By Stof in Machine Learning — Jun 28, 2017

Precise vs Accurate on Arbitrary-precision Arithmetic

When Math isn't accurate in code

Precise vs Accurate

So here's a simple example to get you started, punch a simple calculation 0.1 + 0.2 into any calculator, scientific, google, whatever.
What result do you get?

You should see 0.3 right?

The code issues with arithmetic

Now go into your favourite programming language and do the same thing, what do you get?

You'll be pretty pleased if you're using Go, Haskell, Groovy, Lua, Swift, or even PHP and MySQL!

Surprising to me, at first, I assumed R was accurate until I double checked;

print(.1+.2, digits=18)
// 0.30000000000000004

Even R gets numbers wrong, and it's used heavily by data scientists

A contract I am working on currently is doing some big data analytics using Python 3 and R, so lets look at some python 3;

print(.1 + .2)
// 0.30000000000000004

Not cool snakey...

So this is a pretty common issue right? no. Common assumes it's commonly identified.

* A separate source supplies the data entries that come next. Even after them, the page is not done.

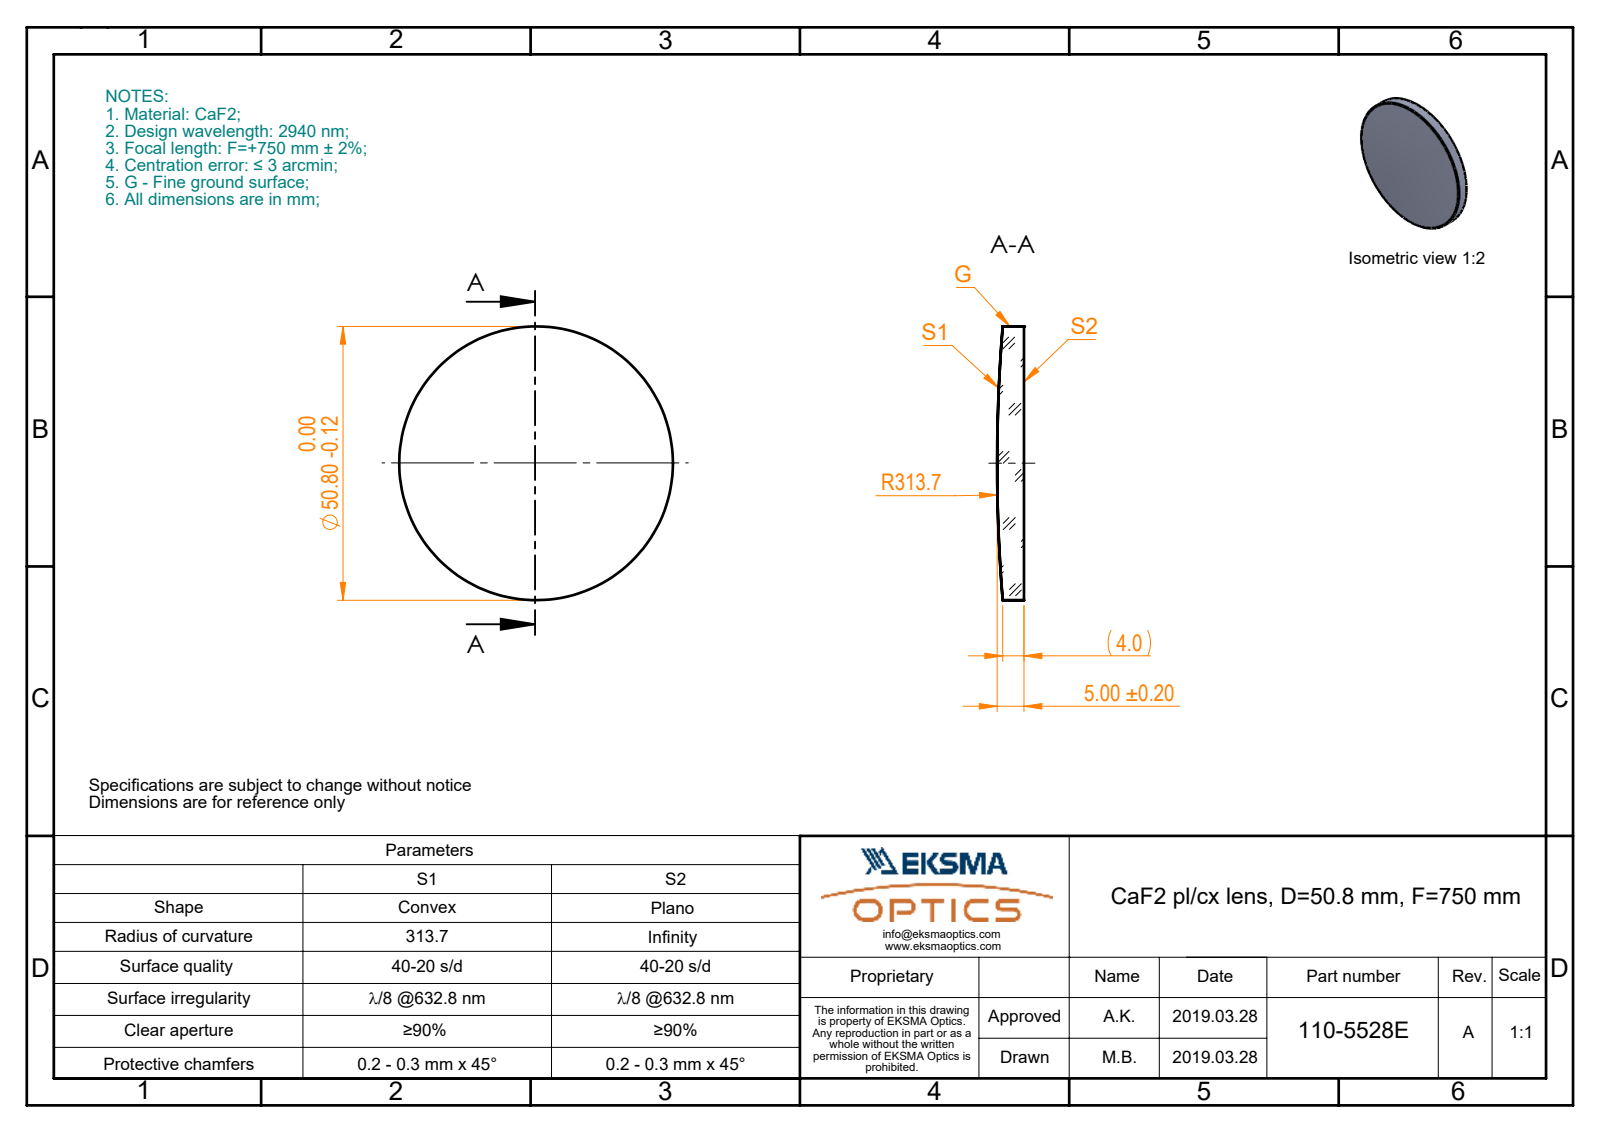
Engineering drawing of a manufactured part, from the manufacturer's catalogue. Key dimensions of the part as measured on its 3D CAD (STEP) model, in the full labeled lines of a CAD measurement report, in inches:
Part name (STEP PRODUCT): 110-5528E CaF2 pl-cx 50.8 F750
STEP written by: SolidWorks 2017 (CONFIG_CONTROL_DESIGN)
Units: inches
Bodies: 1 solid, 5 faces (1 planar, 2 cylindrical, 2 other)
Overall size (bounding box): 2 × 2 × 0.197
Volume: 0.555 in³ · Surface area: 7.271 in²
Round bosses / shafts (diameter × count): ⌀2 ×1
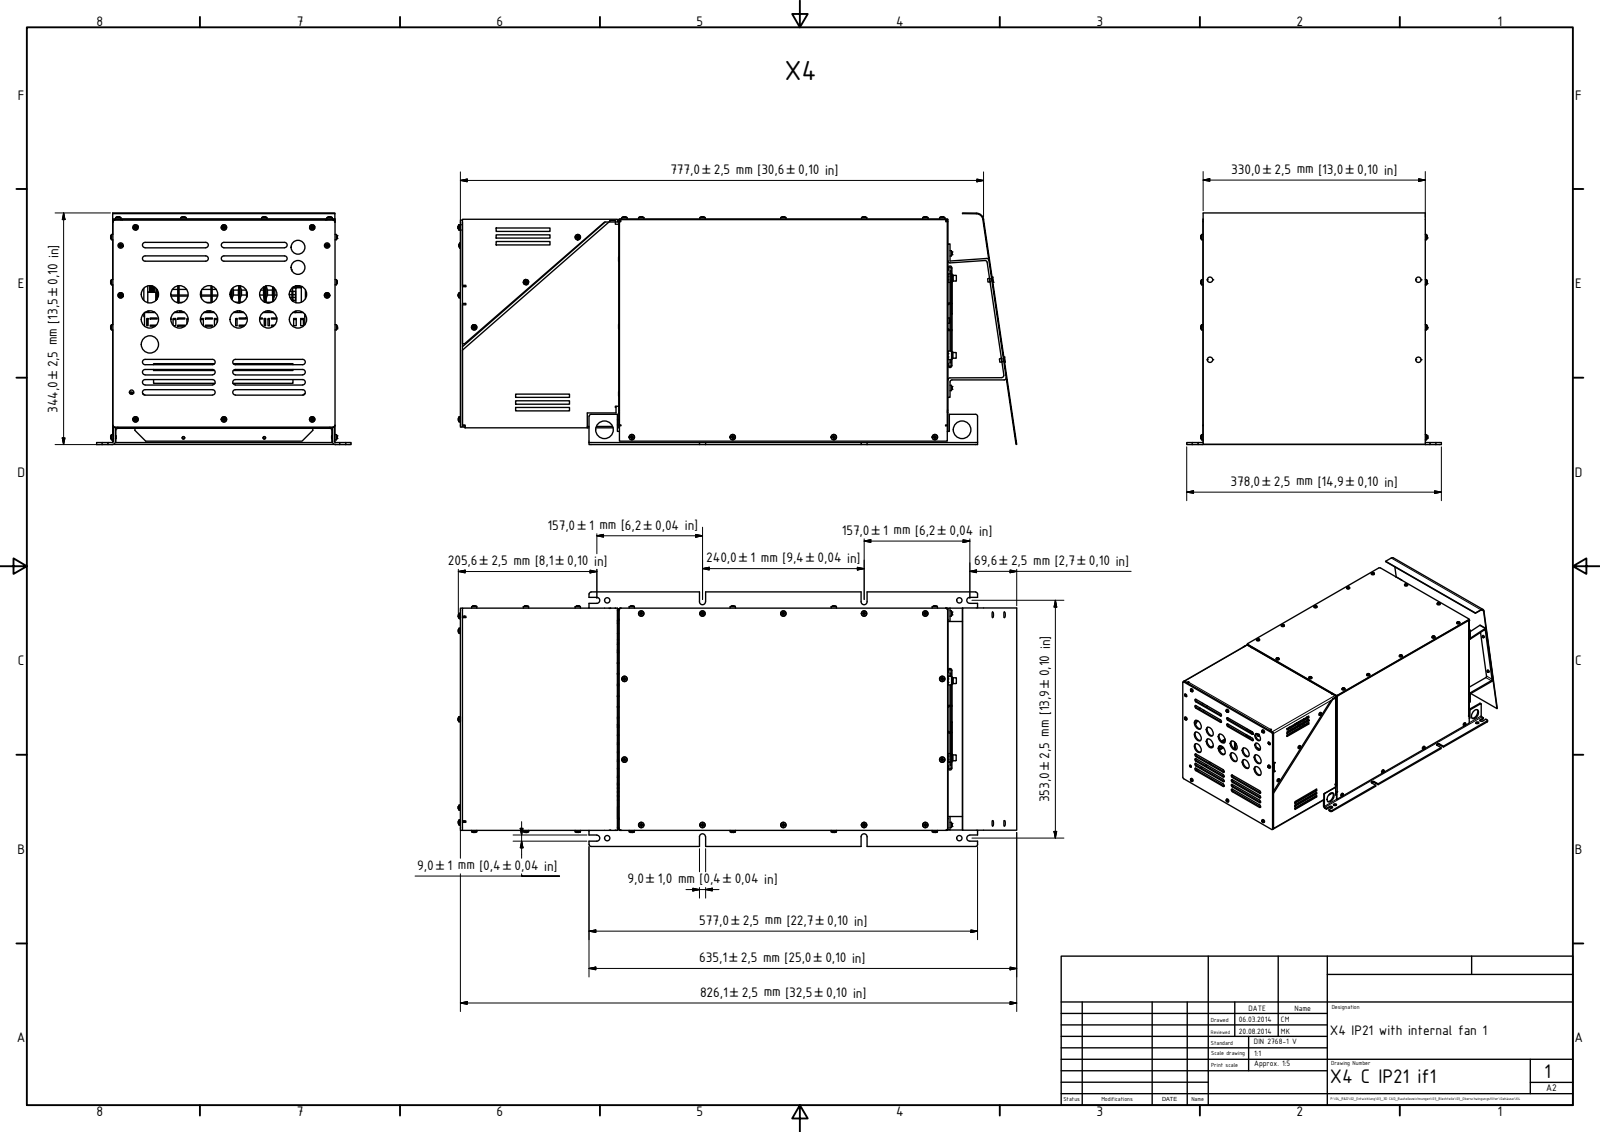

It is almost never known but it is most definitely a wide spread practice.

The business (i.e. a Ph.D scientist) was completely unaware that their developers are using programming languages that will not produce the same results that their calculators produce when they proof the result the software produces...

So several years back I recall a conversation i had with a tech lead, the below is a very basic version of a Node.js solution I saw in a B2B financial transaction software;

Number.prototype.addTo = function(n) {
  return this + n
}
var number = 0.1
number.addTo(0.2)
// 0.30000000000000004

So what's a few cents you say? Consider we are running millions of calculations over millions of dollar transactions and then consider using multiplication instead of addition, yeah

Scary.

What is this problem called?

Caused when using any floating points in any calculation, this isn't a "bug" but rather an example of Arbitrary-precision arithmetic.

There is one very hard way to teach yourself, read What Every Computer Scientist Should Know About Floating-Point Arithmetic but a much better way is to take one step back and become familiar with all of the relevant material from IEEE 754: Standard for Binary Floating-Point Arithmetic so you've first found a baseline of what should be expected in your programming of Arithmetic.

Solutions?

For the python code you can try just using Python 2 and keep values as decimals and not floats

For JavaScript there are libraries such as BigDecimal to help fix the issues, Ruby also has a library option called BigDecimal but of course developers still use language native operators and cannot be forced to use a math library..

Some languages like Java are much easier, just ensure you're being explicit (should be disciplined enough by now)

System.out.println(.1F + .2F);
// 0.3

But be careful because some languages like Go will go wrong when forcing the use of floats;

var a float64 = .1
var b float64 = .2
fmt.Println(a + b)
// 0.30000000000000004

The key is to understand your language of choice, and mentor team members that are not well informed.

Fixing defects in existing software

Don't fix the bugs!

Really, I'm not kidding. Don't go refactor your entire code base dot fix bugs. The software has a particular reliance on the faulty functionality and therefore it's likely the faultiness has forced the end-users or integrated systems to work around the defect (usually by treating values as strings or truncating values).

If you change the source of the defect now and the dependants work-arounds downstream are not removed you will just be facing a wider range of defects later.

Amazingly you don't need to take my word for it, According to Edaena Salinas on SE-Radio #295, Microsoft Excel rounding issues in Excel that will never be fixed and they even went so far as to give the defects a name so as to legitimise them, they call the Mathematical precision defects of excel a "domain expectation" now.

The take away

If you've been reading my dribble you might be expecting an opinion around this point, sorry to disappoint, this is an education issue now. If even the language developers, well most of them, weren't aware of the IEEE standards or willing to be thorough enough to educate themselves and be good developers, what hope do companies even as large as Microsoft have to be precise?

We as individuals can only try our best.